I realize that's not a major concern to the designers, mainly the people responsible for pre-press production,  so perhaps this is a dead issue.

Maybe I'm a loyalist, but I still use Quark whenever I have a page layout project.

In my art department at the time I was a graphic designer, we could accomplish  a 32 page paper with four color graphics in under 10 hours all the time. If you utilize the tools that Quark offeres, page production is a snap. I don't know how I would begin doing that in Corel or Illustrator with as much ease as the Quark option.

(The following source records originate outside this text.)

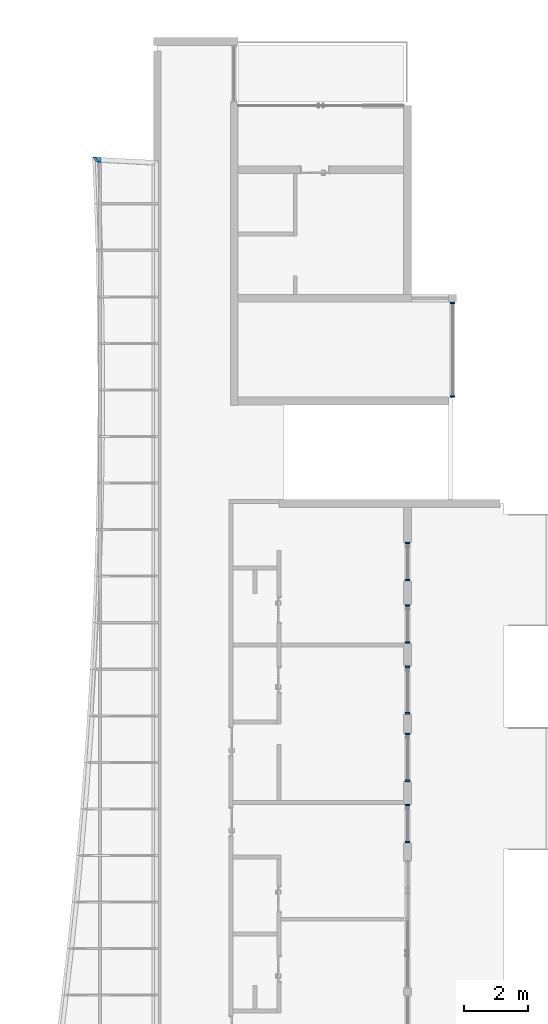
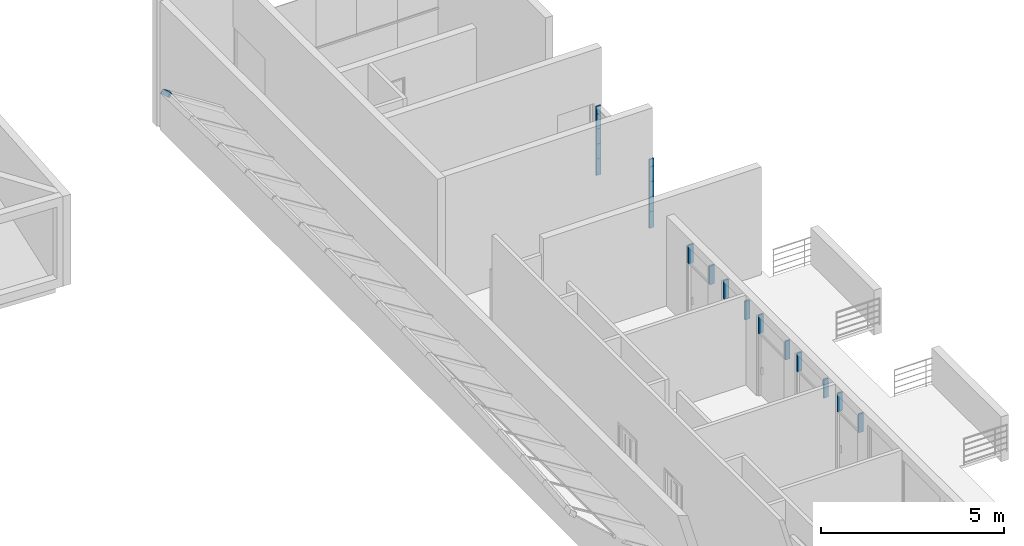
# One storey, part 13 of 33: 21 members, 7 elements without a shape of their own.
"""IFC2X3 building model written with IfcOpenShell, lengths in millimetres."""

from ifc_helpers import new_model, entity, si_unit, converted_unit, derived_unit, direction, frame, origin, origin_2d_with_axis, place, context, subcontext, project, spatial, rectangle, extrude, clip, halfspace, source, transform, mapped, material, type_object, type_shapes, element, aggregate, save


model = new_model("IFC2X3")

# Units and contexts
model_context = context("Model", 3, precision=0.01, world=origin(), true_north=direction((6.12303176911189e-17, 1.0)))
body_context = subcontext(model_context, "Body", "Model", "MODEL_VIEW")
ifc_project = project(units=[si_unit("LENGTHUNIT", "METRE", prefix="MILLI"), si_unit("AREAUNIT", "SQUARE_METRE"), si_unit("VOLUMEUNIT", "CUBIC_METRE"), converted_unit("PLANEANGLEUNIT", "DEGREE", entity("IfcRatioMeasure", 0.0174532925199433), si_unit("PLANEANGLEUNIT", "RADIAN"), dimensions=[0, 0, 0, 0, 0, 0, 0]), si_unit("MASSUNIT", "GRAM", prefix="KILO"), derived_unit("MASSDENSITYUNIT", [(si_unit("MASSUNIT", "GRAM", prefix="KILO"), 1), (si_unit("LENGTHUNIT", "METRE"), -3)]), si_unit("TIMEUNIT", "SECOND"), si_unit("FREQUENCYUNIT", "HERTZ"), si_unit("THERMODYNAMICTEMPERATUREUNIT", "DEGREE_CELSIUS"), derived_unit("THERMALTRANSMITTANCEUNIT", [(si_unit("MASSUNIT", "GRAM", prefix="KILO"), 1), (si_unit("THERMODYNAMICTEMPERATUREUNIT", "KELVIN"), -1), (si_unit("TIMEUNIT", "SECOND"), -3)]), derived_unit("VOLUMETRICFLOWRATEUNIT", [(si_unit("LENGTHUNIT", "METRE"), 3), (si_unit("TIMEUNIT", "SECOND"), -1)]), si_unit("ELECTRICCURRENTUNIT", "AMPERE"), si_unit("ELECTRICVOLTAGEUNIT", "VOLT"), si_unit("POWERUNIT", "WATT"), si_unit("FORCEUNIT", "NEWTON", prefix="KILO"), si_unit("ILLUMINANCEUNIT", "LUX"), si_unit("LUMINOUSFLUXUNIT", "LUMEN"), si_unit("LUMINOUSINTENSITYUNIT", "CANDELA"), derived_unit("USERDEFINED", [(si_unit("MASSUNIT", "GRAM", prefix="KILO"), -1), (si_unit("LENGTHUNIT", "METRE"), -2), (si_unit("TIMEUNIT", "SECOND"), 3), (si_unit("LUMINOUSFLUXUNIT", "LUMEN"), 1)]), derived_unit("LINEARVELOCITYUNIT", [(si_unit("LENGTHUNIT", "METRE"), 1), (si_unit("TIMEUNIT", "SECOND"), -1)]), si_unit("PRESSUREUNIT", "PASCAL"), derived_unit("USERDEFINED", [(si_unit("LENGTHUNIT", "METRE"), -2), (si_unit("MASSUNIT", "GRAM", prefix="KILO"), 1), (si_unit("TIMEUNIT", "SECOND"), -2)])], contexts=[model_context])

# Site, building, storey
site_placement = place(None, origin())
site = spatial("IfcSite", under=ifc_project, at=site_placement, Name="表面", CompositionType="ELEMENT")
building_placement = place(site_placement, origin())
building = spatial("IfcBuilding", under=site, at=building_placement, CompositionType="ELEMENT")
storey_placement = place(building_placement, frame((0.0, 0.0, 6000.0)))
storey = spatial("IfcBuildingStorey", under=building, at=storey_placement, Name="3F", CompositionType="ELEMENT", Elevation=6000.00000000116)

# Curtain wall, members
curtain_wall_type_1 = type_object("IfcCurtainWallType", Name="幕墙:幕墙 1", PredefinedType="NOTDEFINED")
curtain_wall_1_placement = place(storey_placement, frame((0.0, 0.0, -6000.0)))
curtain_wall_1 = element("IfcCurtainWall", 1, at=curtain_wall_1_placement, inside=storey, type_object=curtain_wall_type_1, Name="幕墙:幕墙 1", ObjectType="幕墙:幕墙 1")
ifc_material_1 = material(Name="金属 - 铝")
member_type_1 = type_object("IfcMemberType", Name="50 x 150mm", PredefinedType="MEMBER")
shared_shape_1 = source(origin(), body_context, "Body", "SweptSolid", [
    extrude(rectangle(XDim=150.0, YDim=50.0, at=origin_2d_with_axis()), frame((-25.0, 0.0, -550.0), z_axis=(0.0, 0.0, 1.0), x_axis=(0.0, -1.0, 0.0)), (0.0, 0.0, 1.0), 550.0),
])
type_shapes(member_type_1, [shared_shape_1])
member_1_placement = place(storey_placement, frame((-5230.24991264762, -5396.868426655, 0.0), z_axis=(0.0, 0.0, -1.0), x_axis=(0.0, -1.0, 0.0)))
member_1 = element("IfcMember", 2, at=member_1_placement, type_object=member_type_1, material=ifc_material_1, Name="矩形竖梃:50 x 150mm", ObjectType="50 x 150mm", context=body_context, shape_type="MappedRepresentation", body=[
    mapped(shared_shape_1, transform((0.0, 0.0, 0.0), scale=1.0)),
])
member_type_2 = type_object("IfcMemberType", Name="50 x 150mm", PredefinedType="MEMBER")
shared_shape_2 = source(origin(), body_context, "Body", "SweptSolid", [
    extrude(rectangle(XDim=150.0, YDim=50.0, at=origin_2d_with_axis()), frame((-25.0, 0.0, -500.0), z_axis=(0.0, 0.0, 1.0), x_axis=(0.0, -1.0, 0.0)), (0.0, 0.0, 1.0), 500.0),
])
type_shapes(member_type_2, [shared_shape_2])
member_2_placement = place(storey_placement, frame((-5230.24991264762, -5396.868426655, 550.0), z_axis=(0.0, 0.0, -1.0), x_axis=(0.0, -1.0, 0.0)))
member_2 = element("IfcMember", 3, at=member_2_placement, type_object=member_type_2, material=ifc_material_1, Name="矩形竖梃:50 x 150mm", ObjectType="50 x 150mm", context=body_context, shape_type="MappedRepresentation", body=[
    mapped(shared_shape_2, transform((0.0, 0.0, 0.0), scale=1.0)),
])
member_3_placement = place(storey_placement, frame((-5230.24991264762, -5396.868426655, 1050.0), z_axis=(0.0, 0.0, -1.0), x_axis=(0.0, -1.0, 0.0)))
member_3 = element("IfcMember", 4, at=member_3_placement, type_object=member_type_2, material=ifc_material_1, Name="矩形竖梃:50 x 150mm", ObjectType="50 x 150mm", context=body_context, shape_type="MappedRepresentation", body=[
    mapped(shared_shape_2, transform((0.0, 0.0, 0.0), scale=1.0)),
])
member_4_placement = place(storey_placement, frame((-5230.24991264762, -5396.868426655, 1550.0), z_axis=(0.0, 0.0, -1.0), x_axis=(0.0, -1.0, 0.0)))
member_4 = element("IfcMember", 5, at=member_4_placement, type_object=member_type_2, material=ifc_material_1, Name="矩形竖梃:50 x 150mm", ObjectType="50 x 150mm", context=body_context, shape_type="MappedRepresentation", body=[
    mapped(shared_shape_2, transform((0.0, 0.0, 0.0), scale=1.0)),
])
member_type_3 = type_object("IfcMemberType", Name="50 x 150mm", PredefinedType="MEMBER")
shared_shape_3 = source(origin(), body_context, "Body", "SweptSolid", [
    extrude(rectangle(XDim=150.0, YDim=50.0, at=origin_2d_with_axis()), frame((-25.0, 0.0, -550.0), z_axis=(0.0, 0.0, 1.0), x_axis=(0.0, -1.0, 0.0)), (0.0, 0.0, 1.0), 550.0),
])
type_shapes(member_type_3, [shared_shape_3])
member_5_placement = place(storey_placement, frame((-5230.24991264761, -2436.868426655, 550.0), z_axis=(0.0, 0.0, 1.0), x_axis=(0.0, 1.0, 0.0)))
member_5 = element("IfcMember", 6, at=member_5_placement, type_object=member_type_3, material=ifc_material_1, Name="矩形竖梃:50 x 150mm", ObjectType="50 x 150mm", context=body_context, shape_type="MappedRepresentation", body=[
    mapped(shared_shape_3, transform((0.0, 0.0, 0.0), scale=1.0)),
])
member_type_4 = type_object("IfcMemberType", Name="50 x 150mm", PredefinedType="MEMBER")
shared_shape_4 = source(origin(), body_context, "Body", "SweptSolid", [
    extrude(rectangle(XDim=150.0, YDim=50.0, at=origin_2d_with_axis()), frame((-25.0, 0.0, -500.0), z_axis=(0.0, 0.0, 1.0), x_axis=(0.0, -1.0, 0.0)), (0.0, 0.0, 1.0), 500.0),
])
type_shapes(member_type_4, [shared_shape_4])
member_6_placement = place(storey_placement, frame((-5230.24991264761, -2436.868426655, 1050.0), z_axis=(0.0, 0.0, 1.0), x_axis=(0.0, 1.0, 0.0)))
member_6 = element("IfcMember", 7, at=member_6_placement, type_object=member_type_4, material=ifc_material_1, Name="矩形竖梃:50 x 150mm", ObjectType="50 x 150mm", context=body_context, shape_type="MappedRepresentation", body=[
    mapped(shared_shape_4, transform((0.0, 0.0, 0.0), scale=1.0)),
])
member_7_placement = place(storey_placement, frame((-5230.24991264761, -2436.868426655, 1550.0), z_axis=(0.0, 0.0, 1.0), x_axis=(0.0, 1.0, 0.0)))
member_7 = element("IfcMember", 8, at=member_7_placement, type_object=member_type_4, material=ifc_material_1, Name="矩形竖梃:50 x 150mm", ObjectType="50 x 150mm", context=body_context, shape_type="MappedRepresentation", body=[
    mapped(shared_shape_4, transform((0.0, 0.0, 0.0), scale=1.0)),
])
member_8_placement = place(storey_placement, frame((-5230.24991264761, -2436.868426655, 2050.0), z_axis=(0.0, 0.0, 1.0), x_axis=(0.0, 1.0, 0.0)))
member_8 = element("IfcMember", 9, at=member_8_placement, type_object=member_type_4, material=ifc_material_1, Name="矩形竖梃:50 x 150mm", ObjectType="50 x 150mm", context=body_context, shape_type="MappedRepresentation", body=[
    mapped(shared_shape_4, transform((0.0, 0.0, 0.0), scale=1.0)),
])
member_type_5 = type_object("IfcMemberType", Name="50 x 150mm", PredefinedType="MEMBER")
shared_shape_5 = source(origin(), body_context, "Body", "SweptSolid", [
    extrude(rectangle(XDim=150.0, YDim=50.0, at=origin_2d_with_axis()), frame((-25.0, 0.0, -250.0), z_axis=(0.0, 0.0, 1.0), x_axis=(0.0, -1.0, 0.0)), (0.0, 0.0, 1.0), 250.000000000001),
])
type_shapes(member_type_5, [shared_shape_5])
member_9_placement = place(storey_placement, frame((-5230.24991264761, -2436.868426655, 2300.0), z_axis=(0.0, 0.0, 1.0), x_axis=(0.0, 1.0, 0.0)))
member_9 = element("IfcMember", 10, at=member_9_placement, type_object=member_type_5, material=ifc_material_1, Name="矩形竖梃:50 x 150mm", ObjectType="50 x 150mm", context=body_context, shape_type="MappedRepresentation", body=[
    mapped(shared_shape_5, transform((0.0, 0.0, 0.0), scale=1.0)),
])
member_type_6 = type_object("IfcMemberType", Name="50 x 150mm", PredefinedType="MEMBER")
shared_shape_6 = source(origin(), body_context, "Body", "SweptSolid", [
    extrude(rectangle(XDim=150.0, YDim=50.0, at=origin_2d_with_axis()), frame((-25.0, 0.0, -250.0), z_axis=(0.0, 0.0, 1.0), x_axis=(0.0, -1.0, 0.0)), (0.0, 0.0, 1.0), 250.000000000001),
])
type_shapes(member_type_6, [shared_shape_6])
member_10_placement = place(storey_placement, frame((-5230.24991264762, -5396.868426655, 2050.0), z_axis=(0.0, 0.0, -1.0), x_axis=(0.0, -1.0, 0.0)))
member_10 = element("IfcMember", 11, at=member_10_placement, type_object=member_type_6, material=ifc_material_1, Name="矩形竖梃:50 x 150mm", ObjectType="50 x 150mm", context=body_context, shape_type="MappedRepresentation", body=[
    mapped(shared_shape_6, transform((0.0, 0.0, 0.0), scale=1.0)),
])
aggregate(curtain_wall_1, [member_1, member_9, member_2, member_5, member_6, member_7, member_8, member_3, member_4, member_10])

# Curtain wall, member
curtain_wall_type_2 = type_object("IfcCurtainWallType", Name="幕墙:幕墙 4", PredefinedType="NOTDEFINED")
curtain_wall_2_placement = place(storey_placement, frame((0.0, 0.0, -6000.0)))
curtain_wall_2 = element("IfcCurtainWall", 12, at=curtain_wall_2_placement, inside=storey, type_object=curtain_wall_type_2, Name="幕墙:幕墙 4", ObjectType="幕墙:幕墙 4")
member_type_7 = type_object("IfcMemberType", Name="50 x 150mm", PredefinedType="MEMBER")
shared_shape_7 = source(origin(), body_context, "Body", "SweptSolid", [
    extrude(rectangle(XDim=150.0, YDim=50.0, at=origin_2d_with_axis()), frame((-25.0, 0.0, -625.0), z_axis=(0.0, 0.0, 1.0), x_axis=(0.0, -1.0, 0.0)), (0.0, 0.0, 1.0), 625.0),
])
type_shapes(member_type_7, [shared_shape_7])
member_11_placement = place(storey_placement, frame((-6630.24991264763, -11856.868426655, 2075.0), z_axis=(0.0, 0.0, -1.0), x_axis=(0.0, 1.0, 0.0)))
member_11 = element("IfcMember", 13, at=member_11_placement, type_object=member_type_7, material=ifc_material_1, Name="矩形竖梃:50 x 150mm", ObjectType="50 x 150mm", context=body_context, shape_type="MappedRepresentation", body=[
    mapped(shared_shape_7, transform((0.0, 0.0, 0.0), scale=1.0)),
])

curtain_wall_3_placement = place(storey_placement, frame((0.0, 0.0, -6000.0)))
curtain_wall_3 = element("IfcCurtainWall", 14, at=curtain_wall_3_placement, inside=storey, type_object=curtain_wall_type_2, Name="幕墙:幕墙 4", ObjectType="幕墙:幕墙 4")
member_12_placement = place(storey_placement, frame((-6630.24991264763, -15266.868426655, 2075.0), z_axis=(0.0, 0.0, -1.0), x_axis=(0.0, -1.0, 0.0)))
member_12 = element("IfcMember", 15, at=member_12_placement, type_object=member_type_7, material=ifc_material_1, Name="矩形竖梃:50 x 150mm", ObjectType="50 x 150mm", context=body_context, shape_type="MappedRepresentation", body=[
    mapped(shared_shape_7, transform((0.0, 0.0, 0.0), scale=1.0)),
])

curtain_wall_4_placement = place(storey_placement, frame((0.0, 0.0, -6000.0)))
curtain_wall_4 = element("IfcCurtainWall", 16, at=curtain_wall_4_placement, inside=storey, type_object=curtain_wall_type_2, Name="幕墙:幕墙 4", ObjectType="幕墙:幕墙 4")
member_13_placement = place(storey_placement, frame((-6630.24991264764, -19276.868426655, 2075.0), z_axis=(0.0, 0.0, -1.0), x_axis=(0.0, -1.0, 0.0)))
member_13 = element("IfcMember", 17, at=member_13_placement, type_object=member_type_7, material=ifc_material_1, Name="矩形竖梃:50 x 150mm", ObjectType="50 x 150mm", context=body_context, shape_type="MappedRepresentation", body=[
    mapped(shared_shape_7, transform((0.0, 0.0, 0.0), scale=1.0)),
])

curtain_wall_5_placement = place(storey_placement, frame((0.0, 0.0, -6000.0)))
curtain_wall_5 = element("IfcCurtainWall", 18, at=curtain_wall_5_placement, inside=storey, type_object=curtain_wall_type_2, Name="幕墙:幕墙 4", ObjectType="幕墙:幕墙 4")
member_14_placement = place(storey_placement, frame((-6630.24991264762, -9916.868426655, 2075.0), z_axis=(0.0, 0.0, -1.0), x_axis=(0.0, 1.0, 0.0)))
member_14 = element("IfcMember", 19, at=member_14_placement, type_object=member_type_7, material=ifc_material_1, Name="矩形竖梃:50 x 150mm", ObjectType="50 x 150mm", context=body_context, shape_type="MappedRepresentation", body=[
    mapped(shared_shape_7, transform((0.0, 0.0, 0.0), scale=1.0)),
])

curtain_wall_6_placement = place(storey_placement, frame((0.0, 0.0, -6000.0)))
curtain_wall_6 = element("IfcCurtainWall", 20, at=curtain_wall_6_placement, inside=storey, type_object=curtain_wall_type_2, Name="幕墙:幕墙 4", ObjectType="幕墙:幕墙 4")
member_15_placement = place(storey_placement, frame((-6630.24991264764, -17366.868426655, 2075.0), z_axis=(0.0, 0.0, -1.0), x_axis=(0.0, -1.0, 0.0)))
member_15 = element("IfcMember", 21, at=member_15_placement, type_object=member_type_7, material=ifc_material_1, Name="矩形竖梃:50 x 150mm", ObjectType="50 x 150mm", context=body_context, shape_type="MappedRepresentation", body=[
    mapped(shared_shape_7, transform((0.0, 0.0, 0.0), scale=1.0)),
])

# Member
member_type_8 = type_object("IfcMemberType", Name="50 x 150mm", PredefinedType="MEMBER")
shared_shape_8 = source(origin(), body_context, "Body", "SweptSolid", [
    extrude(rectangle(XDim=150.0, YDim=50.0, at=origin_2d_with_axis()), frame((-25.0, 0.0, -625.0), z_axis=(0.0, 0.0, 1.0), x_axis=(0.0, -1.0, 0.0)), (0.0, 0.0, 1.0), 625.0),
])
type_shapes(member_type_8, [shared_shape_8])
member_16_placement = place(storey_placement, frame((-6630.24991264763, -13056.868426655, 2700.0), z_axis=(0.0, 0.0, 1.0), x_axis=(0.0, -1.0, 0.0)))
member_16 = element("IfcMember", 22, at=member_16_placement, type_object=member_type_8, material=ifc_material_1, Name="矩形竖梃:50 x 150mm", ObjectType="50 x 150mm", context=body_context, shape_type="MappedRepresentation", body=[
    mapped(shared_shape_8, transform((0.0, 0.0, 0.0), scale=1.0)),
])

aggregate(curtain_wall_2, [member_11, member_16])

member_17_placement = place(storey_placement, frame((-6630.24991264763, -13766.868426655, 2700.0), z_axis=(0.0, 0.0, 1.0), x_axis=(0.0, 1.0, 0.0)))
member_17 = element("IfcMember", 23, at=member_17_placement, type_object=member_type_8, material=ifc_material_1, Name="矩形竖梃:50 x 150mm", ObjectType="50 x 150mm", context=body_context, shape_type="MappedRepresentation", body=[
    mapped(shared_shape_8, transform((0.0, 0.0, 0.0), scale=1.0)),
])

aggregate(curtain_wall_3, [member_12, member_17])

member_18_placement = place(storey_placement, frame((-6630.24991264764, -18076.868426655, 2700.0), z_axis=(0.0, 0.0, 1.0), x_axis=(0.0, 1.0, 0.0)))
member_18 = element("IfcMember", 24, at=member_18_placement, type_object=member_type_8, material=ifc_material_1, Name="矩形竖梃:50 x 150mm", ObjectType="50 x 150mm", context=body_context, shape_type="MappedRepresentation", body=[
    mapped(shared_shape_8, transform((0.0, 0.0, 0.0), scale=1.0)),
])

aggregate(curtain_wall_4, [member_13, member_18])

member_19_placement = place(storey_placement, frame((-6630.24991264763, -11116.868426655, 2700.0), z_axis=(0.0, 0.0, 1.0), x_axis=(0.0, -1.0, 0.0)))
member_19 = element("IfcMember", 25, at=member_19_placement, type_object=member_type_8, material=ifc_material_1, Name="矩形竖梃:50 x 150mm", ObjectType="50 x 150mm", context=body_context, shape_type="MappedRepresentation", body=[
    mapped(shared_shape_8, transform((0.0, 0.0, 0.0), scale=1.0)),
])

aggregate(curtain_wall_5, [member_14, member_19])

member_20_placement = place(storey_placement, frame((-6630.24991264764, -15866.868426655, 2700.0), z_axis=(0.0, 0.0, 1.0), x_axis=(0.0, 1.0, 0.0)))
member_20 = element("IfcMember", 26, at=member_20_placement, type_object=member_type_8, material=ifc_material_1, Name="矩形竖梃:50 x 150mm", ObjectType="50 x 150mm", context=body_context, shape_type="MappedRepresentation", body=[
    mapped(shared_shape_8, transform((0.0, 0.0, 0.0), scale=1.0)),
])

aggregate(curtain_wall_6, [member_15, member_20])

# Curtain wall, member
curtain_wall_type_3 = type_object("IfcCurtainWallType", Name="幕墙系统:1450 x 2100mm", PredefinedType="NOTDEFINED")
curtain_wall_7_placement = place(storey_placement, frame((0.0, 0.0, -6000.0)))
curtain_wall_7 = element("IfcCurtainWall", 27, at=curtain_wall_7_placement, inside=storey, type_object=curtain_wall_type_3, Name="幕墙系统:1450 x 2100mm", ObjectType="幕墙系统:1450 x 2100mm")
ifc_material_2 = material(Name="木质 - 木材")
member_type_9 = type_object("IfcMemberType", Name="200 x 150mm", PredefinedType="MEMBER")
shared_shape_9 = source(origin(), body_context, "Body", "Clipping", [
    clip(extrude(rectangle(XDim=150.0, YDim=150.0, at=origin_2d_with_axis()), frame((-75.0, 0.0, -227.356224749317), z_axis=(0.0, 0.0, 1.0), x_axis=(0.0, -1.0, 0.0)), (0.0, 0.0, 1.0), 227.356224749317), halfspace(frame((-1.03528606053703e-09, -304.800000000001, -227.35622474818), z_axis=(-0.739332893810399, 0.0, -0.673340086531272), x_axis=(-0.673340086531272, 0.0, 0.739332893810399)), False)),
])
type_shapes(member_type_9, [shared_shape_9])
placement = place(building_placement, frame((0.0, 0.0, 9000.0)))
member_21_placement = place(placement, frame((-16211.1509145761, 2069.00736591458, 826.048296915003), z_axis=(0.847211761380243, -0.0444004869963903, -0.52939666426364), x_axis=(0.0376537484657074, 0.999013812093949, -0.0235286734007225)))
member_21 = element("IfcMember", 28, at=member_21_placement, type_object=member_type_9, material=ifc_material_2, Name="矩形竖梃:200 x 150mm", ObjectType="200 x 150mm", context=body_context, shape_type="MappedRepresentation", body=[
    mapped(shared_shape_9, transform((0.0, 0.0, 0.0), scale=1.0)),
])
aggregate(curtain_wall_7, [member_21])

save(model, "model.ifc")

I guess it's all about what each designer feels comfortable working in.


----------



## dlookus (Mar 14, 2002)

> Should page layout be done in a vector-based application?


Quark Xpress is a vector-based application.

I've never used coreldraw, but I have tried to doprint design in Illustrator. It's a pain because Illustrator doesn't really support multiple pages. It will tile, but no nice page layout features. You're better off usin PageMaker or Quark. It's really not that big of a deal to have linked EPS artwork that you import from Illustrator.

Personally I prefer the Adobe Philosophy of having seperate applications for different tasks. They work so well with each other that it really isn't a big deal to switch apps.


----------



## evildan (Mar 14, 2002)

You're right Quark is a vector based application, my bad... My question was phrased incorrectly... should page layout be done in programs that are primarily used for graphic creation and manipulation?

I have not used Adobe Philosophy... isn't that just a PageMaker re-skined?

How is it on speed and performance?

I know PageMaker is dead, which is a shame, I learned page layout on PageMaker... when it was Aldus PageMaker, but still sad to see it go. Quark was a better program hands down though.


----------



## dlookus (Mar 14, 2002)

Sorry. I shouldn't have capitalized Philosophy. You are thinking of InDesign most likely. I was referring to the Adobe philosophy of making an application for each task (i.e. Illustrator for Vector graphics, Photoshop for raster graphics, InDesign and Pagemaker for print design etc.) Some other software companies want one app to do it all.
I've never used InDesign, but I get the impression it's very different from PageMaker. PageMaker was an app that they acquired when they bought Aldus way back. I used it up until about 6.5 and it was never a real "Adobe" product. I think InDesign is. Not exactly sure why they have both.
Sorry for the confusion.


----------



## symphonix (Mar 14, 2002)

I'd say programs such as Quark, which move the emphasis to the entire publication, are far better if you have to work on, for example, a book or brochure.
Illustrator and CorelDraw each handle (basically) a page at a time, and that makes them inappropriate for books and so on where text has to flow from page to page. However, they are well suited to the production of magazines and newspapers, where text rarely flows from one page to the next.
I used both Illustrator and Corel to create advertisements, and I found that the end results were of an exceptionally high quality on either program, but the style would be subtly different. There are some techniques that work best with illustrator and others that work well with corel.


----------



## rinse (Mar 14, 2002)

wdw, that was nice of you to do that... a bit too nice.

everyone should know some elementary Illustrator.


----------